On the other hand, the results obtained from neural networks such as Dall-E assume great importance not only for their aesthetic value, but also for their use in a variety of practical applications. It is precisely on image search and recognition that Google has focused its efforts, announcing the development of two AIs that function similarly to Dall-E, Imagen and Parti, neither of which has yet been shared with the public.
Generative Art (?)
The incursion of Artificial Intelligence has opened within art history a chapter that is largely yet unwritten.
In the past decades, Pop Art has brought the seriality of industrial processes within the visual arts, while postmodernism has untied the knots of mass society in an ironic game of combination. Even earlier, Dadaism opposed creative intention with the playful randomness of free associations.
From a cultural perspective, Generative Art inserts another fundamental variable to this chronology: the autonomy of the tool from the author. This raises questions about some essential points.
Authorship of the artwork
Authorship is an open question in the contemporary art world. This is demonstrated by the recent lawsuit filed against Maurizio Cattelan by Daniel Druet, a sculptor who created some of the artist's most famous installations without ever appearing in the credits or catalogs.
If a work of visual art is generated by an AI, does the authorship belong to the AI, the professionals who developed it, or the digital artist who provided the prompt?
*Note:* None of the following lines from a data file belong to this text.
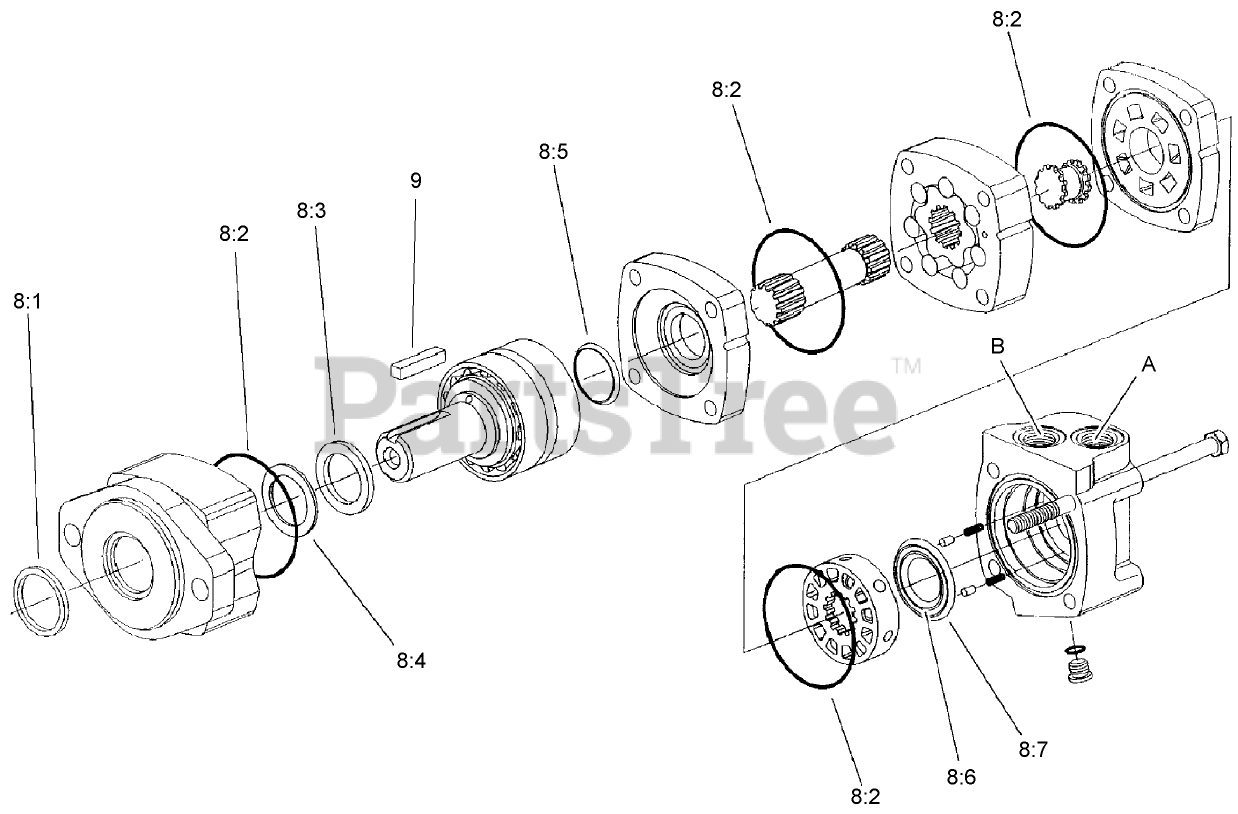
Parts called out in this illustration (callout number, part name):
8	SEAL KIT
8:1	Seal-Dust (Not serviced separately)
8:2	Seal-Exclusion, Shaft (Not serviced separately)
8:3	Seal-Shaft (Not serviced separately)
8:4	Ring-Back-Up (Not serviced separately)
8:5	Seal-Face, Shaft (Not serviced separately)
8:6	Seal-Face, Inner (Not serviced separately)
8:7	Seal-Face, Outer (Not serviced separately)
9	KEY-SQUARE
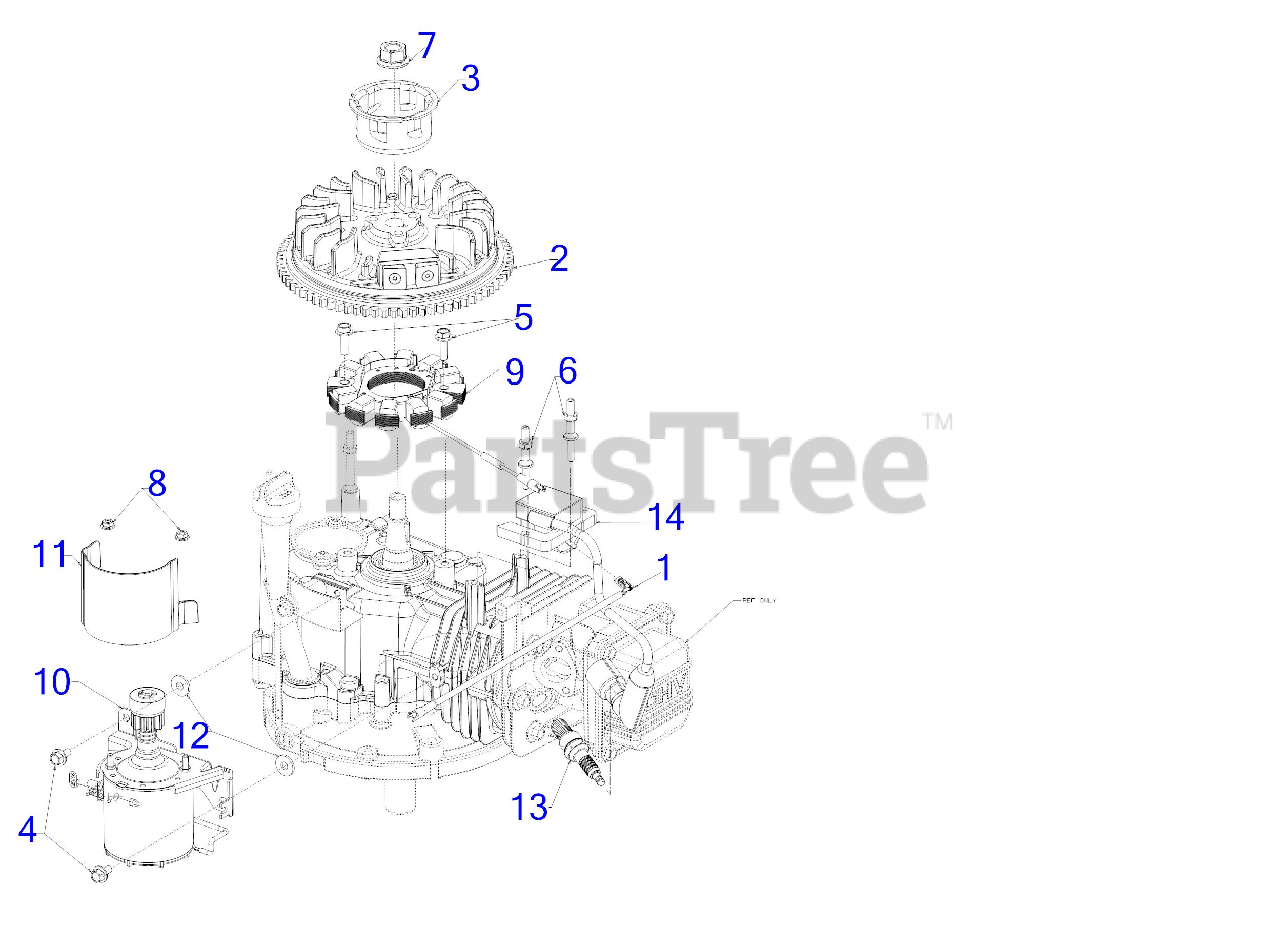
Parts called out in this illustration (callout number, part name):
1	WIRE HARNESS
4	SCREW M6-1 x 12 CL8.8
5	SCREW M6-1 x 20 CL5.8
6	STUD M5-8:22
7	HEX FLANGE NUT
8	HEX FLANGE NUT M5-0.8
9	ALTERNATOR ASSEMBLY
10	ELECTRIC STARTER MOTOR
11	GEAR COVER
12	FLAT WASHER: 6.5X18X2
13	SPARK PLUG
14	IGNITION MODULE
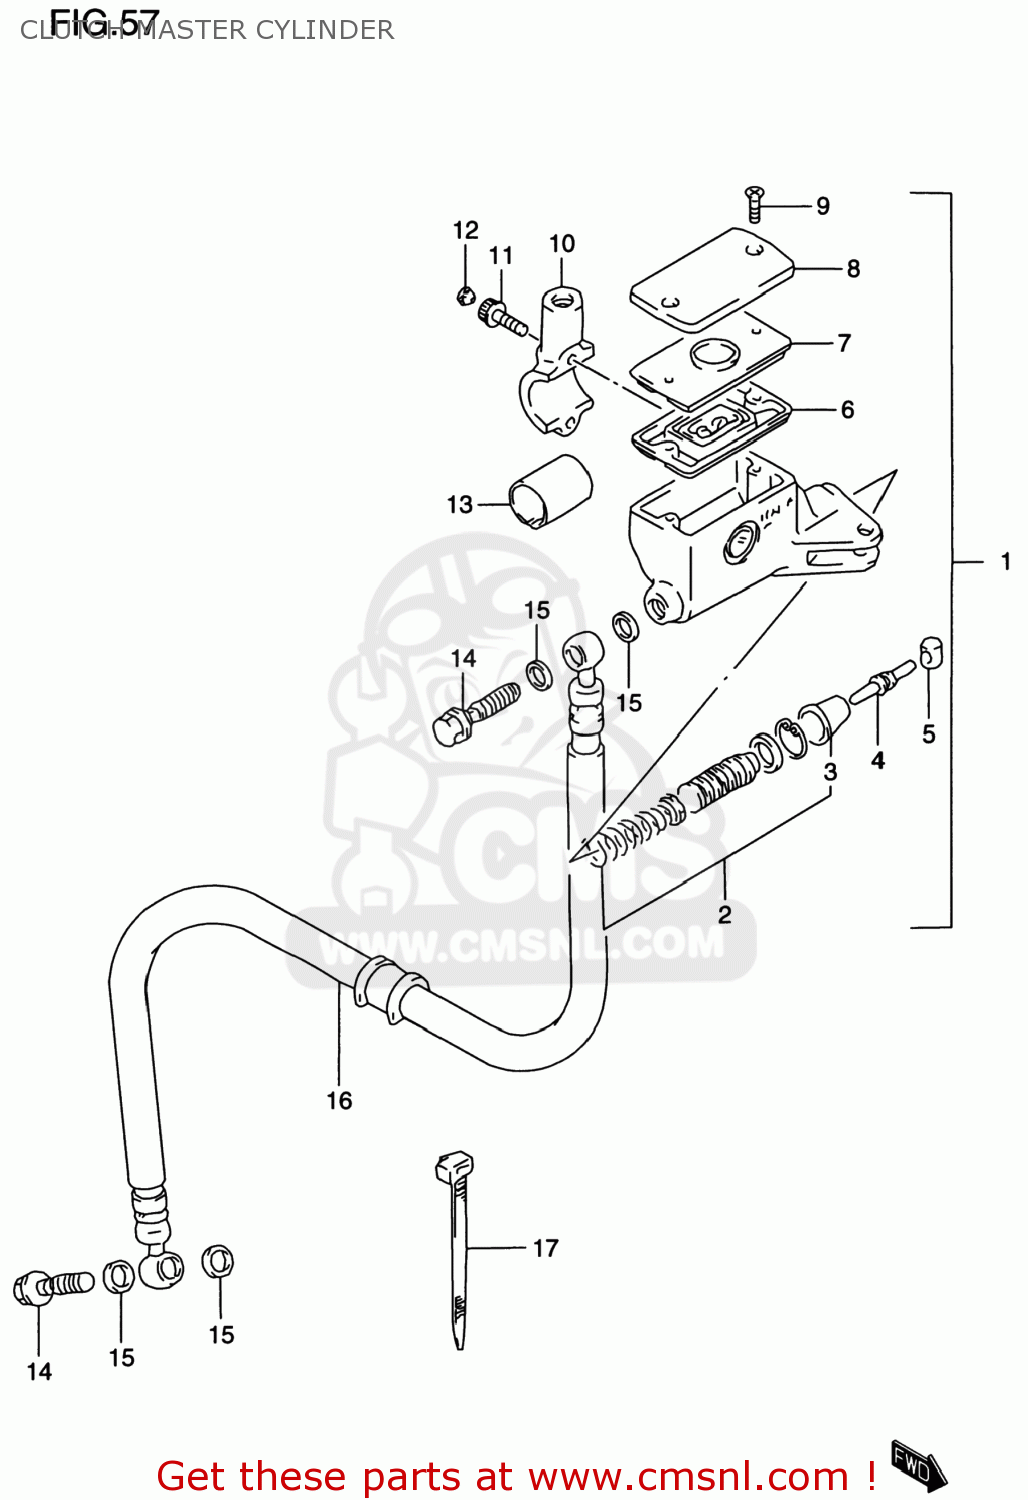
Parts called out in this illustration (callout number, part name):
1	CYLINDER ASSEMBLY,CLUTCH MASTER
2	PISTON & CUP SET
3	BOOT
4	PUSH ROD
5	BUSH
6	7
7	PLATE,DIAPHRAGM
8	CAP
9	SCREW
10	HOLDER
11	BOLT,CRKCASE,R
12	CAP(OD:10)
13	SPACER,CLUTCH MASTER CYLINDER
14	BOLT UNION
15	WASHER(10X15X1.5)
16	HOSE,CLUTCH
17	CLAMP(L:125)
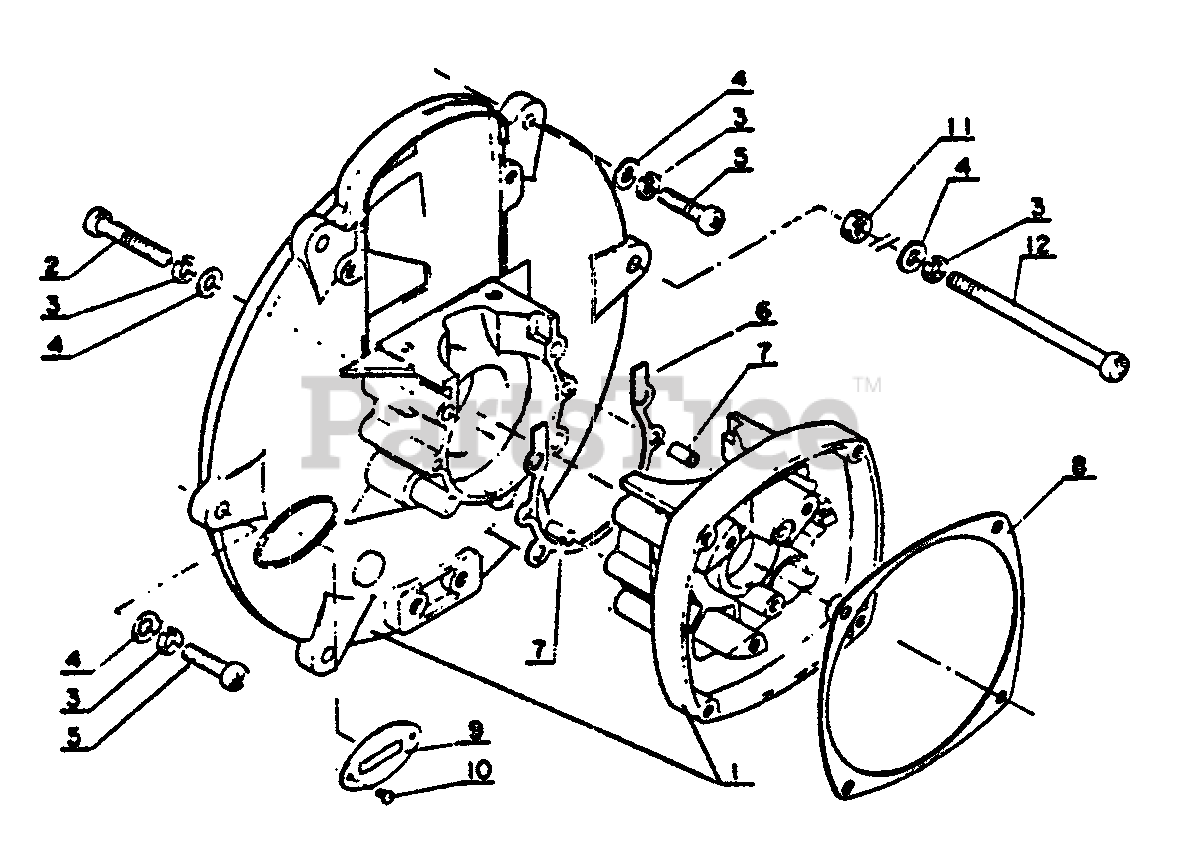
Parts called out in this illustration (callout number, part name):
1	CRANKCASE KIT
2	SCREW - 5X28
3	LOCKWASHER - 5
4	WASHER - 5
5	SCREW - 5X18
6	GASKET, CRANKCASE
7	PIN - LOCATING
8	GASKET, STARTER
9	PLATE, MODEL
10	RIVET
12	SCREW - 5X70
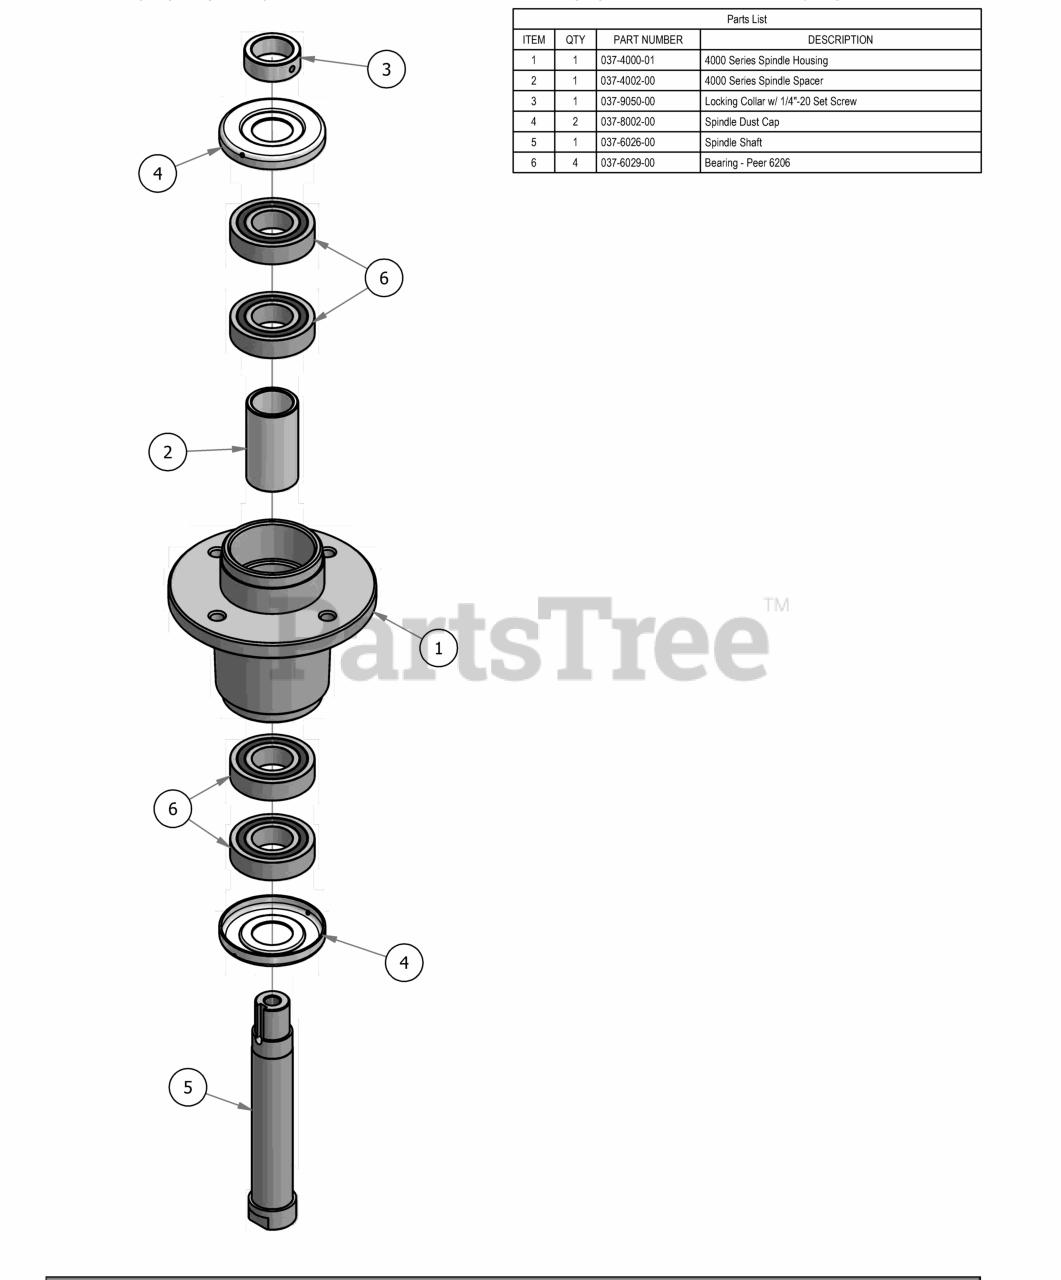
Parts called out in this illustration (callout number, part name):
1	4000 Series Spindle Housing
2	4000 Series Spindle Spacer
3	Locking Collar w/ 1/4"-20 Set Screw
4	Spindle Dust Cap
5	Spindle Shaft
6	Bearing - Peer 6206
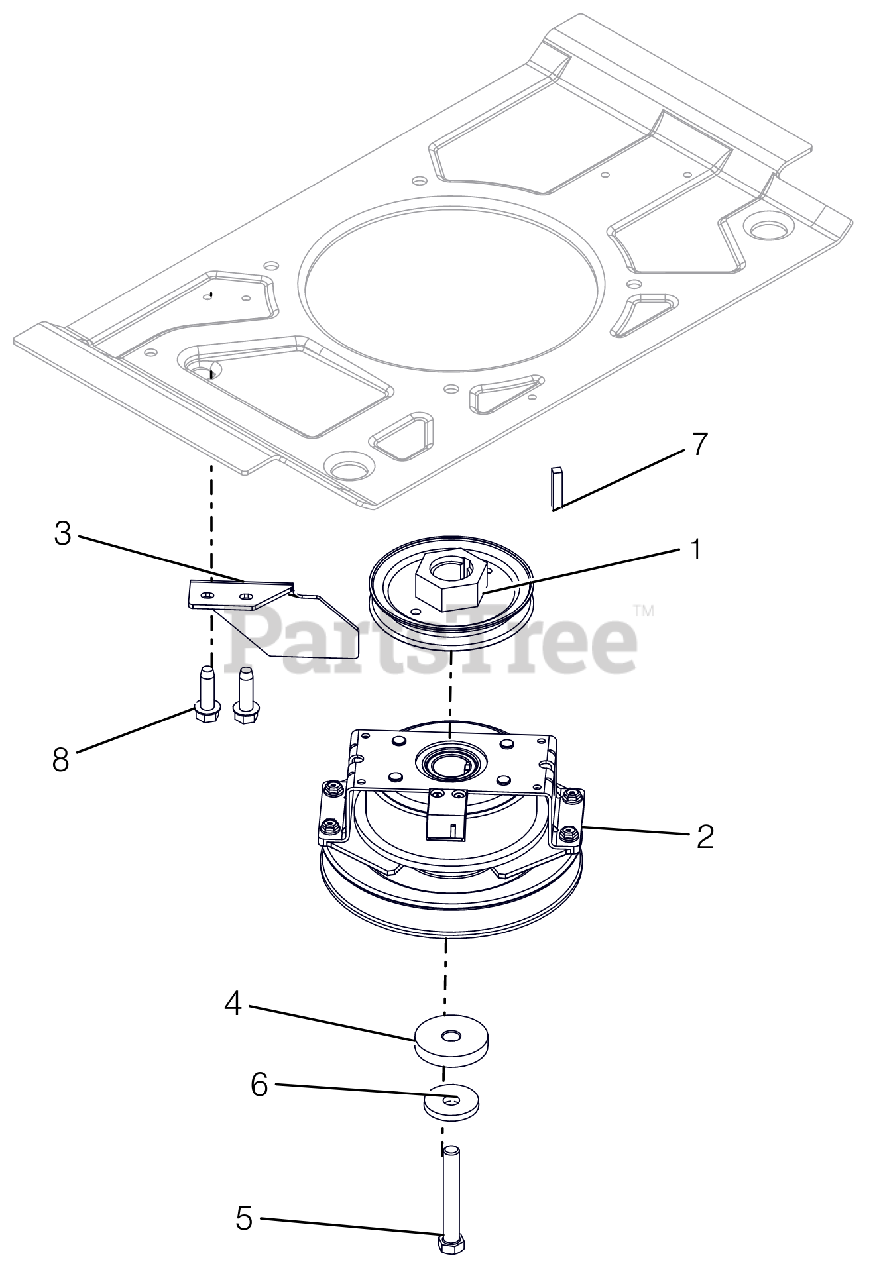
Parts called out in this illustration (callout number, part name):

Indeed, can a dataset of text-image associations be an adequate counterpart to the faculty of imagination?
The production of Generative Art itself also involves business models that are still being defined. The subscription-based model is currently the most widely used in content creation and distribution, but it is also the one that most limits the independence of the medium and the freedom of creators.
With a pen and a sheet of paper an artist can freely create what they want: that is not the case when in order to give voice to his or her creativity the artist must pay monthly or "by use" to a Generative Art platform, which moreover can be restricted and censored by those who manage it.
Subscription models are complex to manage properly precisely because they involve a continuous exchange of value and freedom between the user and the company. We at Neosperience, having carried out projects on the subject with some of the most important companies nationally and internationally, offer our expertise on the subject through both business design work and the development of dedicated digital products.
Unbiased Artificial Intelligence
As we have seen, in order to enhance the potential of Generative Art, we need to make the best use of the specificity of this medium in all its fields of application. More than that, it is essential to design artificial intelligences in an empathetic way. Is it possible to untie our biases as human beings from the code that gives life to the Artificial Intelligences we are developing?
Achieving this goal requires a thorough understanding of the hybrid nature of Generative Art, which calls into question both culture and technology. It will therefore be necessary to bring data scientists and humanists together at the design stage, in order to provide AIs with datasets capable of producing results that are unbiased, yet accurate and representative at the same time.